>>>>>
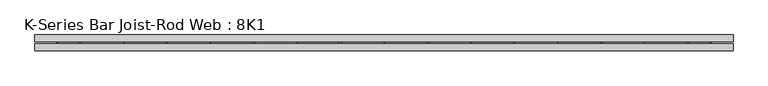
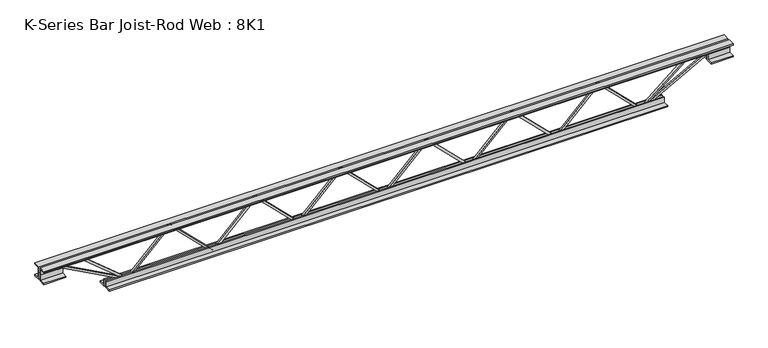
"""IFC4 building model written with IfcOpenShell, lengths in millimetres: beam geometry, K-Series Bar Joist-Rod Web : 8K1."""

from ifc_helpers import new_model, si_unit, frame, origin, place, context, project, spatial, polyline, outline, extrude, source, transform, mapped, element, save


def k_series_bar_joist_rod_web_8k1_a298f018(model_context):
    return source(origin(), model_context, "Body", "SweptSolid", [
        extrude(outline(polyline([(-90.4875, 398.8522061), (-100.0125, 398.8522061), (-100.0125, 403.981188), (90.4875, 597.057291), (90.4875, 599.4993272), (-100.0125, 792.5754302), (-100.0125, 797.7044121), (-90.4875, 797.7044121), (-90.4875, 796.483394), (100.0125, 603.407291), (100.0125, 593.1493272), (-90.4875, 400.0732241), (-90.4875, 398.8522061)])), frame((0.0, -4.7625, 0.0), z_axis=(0.0, 1.0, 0.0), x_axis=(0.0, 0.0, 1.0)), (0.0, 0.0, 1.0), 9.525),
        extrude(outline(polyline([(-90.4875, 0.0), (-100.0125, 0.0), (-100.0125, 5.1289819), (90.4875, 198.205085), (90.4875, 200.6471211), (-100.0125, 393.7232241), (-100.0125, 398.8522061), (-90.4875, 398.8522061), (-90.4875, 397.631188), (100.0125, 204.555085), (100.0125, 194.2971211), (-90.4875, 1.2210181), (-90.4875, 0.0)])), frame((0.0, -4.7625, 0.0), z_axis=(0.0, 1.0, 0.0), x_axis=(0.0, 0.0, 1.0)), (0.0, 0.0, 1.0), 9.525),
        extrude(outline(polyline([(-90.4875, -398.8522061), (-100.0125, -398.8522061), (-100.0125, -393.7232241), (90.4875, -200.6471211), (90.4875, -198.205085), (-100.0125, -5.1289819), (-100.0125, 0.0), (-90.4875, 0.0), (-90.4875, -1.2210181), (100.0125, -194.2971211), (100.0125, -204.555085), (-90.4875, -397.631188), (-90.4875, -398.8522061)])), frame((0.0, -4.7625, 0.0), z_axis=(0.0, 1.0, 0.0), x_axis=(0.0, 0.0, 1.0)), (0.0, 0.0, 1.0), 9.525),
        extrude(outline(polyline([(-90.4875, -797.7044121), (-100.0125, -797.7044121), (-100.0125, -792.5754302), (90.4875, -599.4993272), (90.4875, -597.057291), (-100.0125, -403.981188), (-100.0125, -398.8522061), (-90.4875, -398.8522061), (-90.4875, -400.0732241), (100.0125, -593.1493272), (100.0125, -603.407291), (-90.4875, -796.483394), (-90.4875, -797.7044121)])), frame((0.0, -4.7625, 0.0), z_axis=(0.0, 1.0, 0.0), x_axis=(0.0, 0.0, 1.0)), (0.0, 0.0, 1.0), 9.525),
        extrude(outline(polyline([(-90.4875, 797.7044121), (-100.0125, 797.7044121), (-100.0125, 802.833394), (90.4875, 995.9094971), (90.4875, 998.3515332), (-100.0125, 1191.4276362), (-100.0125, 1196.5566182), (-90.4875, 1196.5566182), (-90.4875, 1195.3356001), (100.0125, 1002.2594971), (100.0125, 992.0015332), (-90.4875, 798.9254302), (-90.4875, 797.7044121)])), frame((0.0, -4.7625, 0.0), z_axis=(0.0, 1.0, 0.0), x_axis=(0.0, 0.0, 1.0)), (0.0, 0.0, 1.0), 9.525),
        extrude(outline(polyline([(-90.4875, -1196.5566182), (-100.0125, -1196.5566182), (-100.0125, -1191.4276362), (90.4875, -998.3515332), (90.4875, -995.9094971), (-100.0125, -802.833394), (-100.0125, -797.7044121), (-90.4875, -797.7044121), (-90.4875, -798.9254302), (100.0125, -992.0015332), (100.0125, -1002.2594971), (-90.4875, -1195.3356001), (-90.4875, -1196.5566182)])), frame((0.0, -4.7625, 0.0), z_axis=(0.0, 1.0, 0.0), x_axis=(0.0, 0.0, 1.0)), (0.0, 0.0, 1.0), 9.525),
        extrude(outline(polyline([(4.7625, 101.6), (36.5125, 101.6), (36.5125, 95.25), (11.1125, 95.25), (11.1125, 69.85), (4.7625, 69.85), (4.7625, 101.6)])), frame((-1602.9566182, 0.0, 0.0), z_axis=(1.0, 0.0, 0.0), x_axis=(0.0, 1.0, 0.0)), (0.0, 0.0, 1.0), 3205.9132363),
        extrude(outline(polyline([(-4.7625, 101.6), (-4.7625, 69.85), (-11.1125, 69.85), (-11.1125, 95.25), (-36.5125, 95.25), (-36.5125, 101.6), (-4.7625, 101.6)])), frame((-1602.9566182, 0.0, 0.0), z_axis=(1.0, 0.0, 0.0), x_axis=(0.0, 1.0, 0.0)), (0.0, 0.0, 1.0), 3205.9132363),
        extrude(outline(polyline([(-4.7625, 38.1), (-36.5125, 38.1), (-36.5125, 44.45), (-11.1125, 44.45), (-11.1125, 69.85), (-4.7625, 69.85), (-4.7625, 38.1)])), frame((-1602.9566182, 0.0, 0.0), z_axis=(1.0, 0.0, 0.0), x_axis=(0.0, 1.0, 0.0)), (0.0, 0.0, 1.0), 101.6),
        extrude(outline(polyline([(36.5125, 38.1), (4.7625, 38.1), (4.7625, 69.85), (11.1125, 69.85), (11.1125, 44.45), (36.5125, 44.45), (36.5125, 38.1)])), frame((-1602.9566182, 0.0, 0.0), z_axis=(1.0, 0.0, 0.0), x_axis=(0.0, 1.0, 0.0)), (0.0, 0.0, 1.0), 101.6),
        extrude(outline(polyline([(4.7625, 38.1), (4.7625, 69.85), (11.1125, 69.85), (11.1125, 44.45), (36.5125, 44.45), (36.5125, 38.1), (4.7625, 38.1)])), frame((1501.3566182, 0.0, 0.0), z_axis=(1.0, 0.0, 0.0), x_axis=(0.0, 1.0, 0.0)), (0.0, 0.0, 1.0), 101.6),
        extrude(outline(polyline([(-4.7625, 38.1), (-36.5125, 38.1), (-36.5125, 44.45), (-11.1125, 44.45), (-11.1125, 69.85), (-4.7625, 69.85), (-4.7625, 38.1)])), frame((1501.3566182, 0.0, 0.0), z_axis=(1.0, 0.0, 0.0), x_axis=(0.0, 1.0, 0.0)), (0.0, 0.0, 1.0), 101.6),
        extrude(outline(polyline([(4.7625, -101.6), (4.7625, -69.85), (11.1125, -69.85), (11.1125, -95.25), (36.5125, -95.25), (36.5125, -101.6), (4.7625, -101.6)])), frame((-1298.1566182, 0.0, 0.0), z_axis=(1.0, 0.0, 0.0), x_axis=(0.0, 1.0, 0.0)), (0.0, 0.0, 1.0), 2596.3132363),
        extrude(outline(polyline([(-4.7625, -101.6), (-36.5125, -101.6), (-36.5125, -95.25), (-11.1125, -95.25), (-11.1125, -69.85), (-4.7625, -69.85), (-4.7625, -101.6)])), frame((-1298.1566182, 0.0, 0.0), z_axis=(1.0, 0.0, 0.0), x_axis=(0.0, 1.0, 0.0)), (0.0, 0.0, 1.0), 2596.3132363),
        extrude(outline(polyline([(0.0, -9.525), (0.0, 0.0), (346.6425392, 0.0), (346.6425392, -9.525), (0.0, -9.525)])), frame((-1503.6249167, 4.7625, 65.662372), z_axis=(0.4762831485400797, 0.0, 0.8792919665371386), x_axis=(0.8792919665371386, 0.0, -0.4762831485400797)), (0.0, 0.0, 1.0), 9.525),
        extrude(outline(polyline([(0.0, -9.525), (0.0, 0.0), (258.8991706, 0.0), (258.8991706, -9.525), (0.0, -9.525)])), frame((-1399.0197674, 4.7625, 66.1815185), z_axis=(0.6376999956317555, 0.0, 0.7702848275613763), x_axis=(0.7702848275613763, 0.0, -0.6376999956317555)), (0.0, 0.0, 1.0), 9.525),
        extrude(outline(polyline([(0.0, -9.525), (0.0, 0.0), (346.6425392, 0.0), (346.6425392, -9.525), (0.0, -9.525)])), frame((1503.6249167, -4.7625, 65.662372), z_axis=(-0.47628314854004167, 0.0, 0.8792919665371591), x_axis=(-0.8792919665371591, 0.0, -0.47628314854004167)), (0.0, 0.0, 1.0), 9.525),
        extrude(outline(polyline([(0.0, -9.525), (0.0, 0.0), (258.8991706, 0.0), (258.8991706, -9.525), (0.0, -9.525)])), frame((1399.0197674, -4.7625, 66.1815185), z_axis=(-0.6376999956317273, 0.0, 0.7702848275613995), x_axis=(-0.7702848275613995, 0.0, -0.6376999956317273)), (0.0, 0.0, 1.0), 9.525),
    ])


if __name__ == "__main__":
    model = new_model("IFC4")
    model_context = context("Model", 3, world=origin())
    ifc_project = project(units=[si_unit("LENGTHUNIT", "METRE", prefix="MILLI")], contexts=[model_context])
    site = spatial("IfcSite", under=ifc_project)
    building = spatial("IfcBuilding", under=site)
    placement = place(None, origin())
    k_series_bar_joist_rod_web_8k1_shape = k_series_bar_joist_rod_web_8k1_a298f018(model_context)
    element("IfcBeam", 1, ObjectType="K-Series Bar Joist-Rod Web : 8K1", at=placement, inside=building, context=model_context, shape_type="MappedRepresentation", body=[
        mapped(k_series_bar_joist_rod_web_8k1_shape, transform((0.0, 0.0, 0.0), x_axis=(1.0, 0.0, 0.0), y_axis=(0.0, 1.0, 0.0), z_axis=(0.0, 0.0, 1.0))),
    ])
    save(model, "model.ifc")

# Revit data of these elements
# Type "K-Series Bar Joist-Rod Web : 8K1"
#   Assembly Code = "B1010350"
#   Wt = 5.1
#   Web Thickness = 0' - 0 3/8"
#   Start Offset [instance default] = 0' - 0"
#   Start Extension [instance default] = 0' - 0"
#   Seat Length = 0' - 4"
#   Seat Depth = 0' - 2 1/2"
#   PanelArrayLength [instance default] = 21' - 4"
#   Panel [instance default] = 1' - 4"
#   End Offset [instance default] = 0' - 0"
#   End Extension [instance default] = 0' - 0"
#   End Panel = 1' - 4"
#   Cord Leg = 0' - 1 1/4"
#   Chord Thickness = 0' - 0 1/4"
#   Length [instance default] = 24' - 0"
#   Depth = 0' - 8"
#   PanelArrayNum [instance default] = 16
#   Rendering Material = none
# Element 1 (IfcBeam, "K-Series Bar Joist-Rod Web : 8K1")
#   PanelArrayLength = 7' - 10.21706"
#   Panel = 1' - 3.70284"
#   PanelArrayNum = 6
<<<<<
### WORK TASK
The output is the lines from the start of the data above through the line containing "from ifc_helpers import", unchanged, with any picture left out.

### SOLUTION TO THE EXERCISE
"""IFC4 building model written with IfcOpenShell, lengths in millimetres: beam geometry, K-Series Bar Joist-Rod Web : 8K1."""

from ifc_helpers import new_model, si_unit, frame, origin, place, context, project, spatial, polyline, outline, extrude, source, transform, mapped, element, save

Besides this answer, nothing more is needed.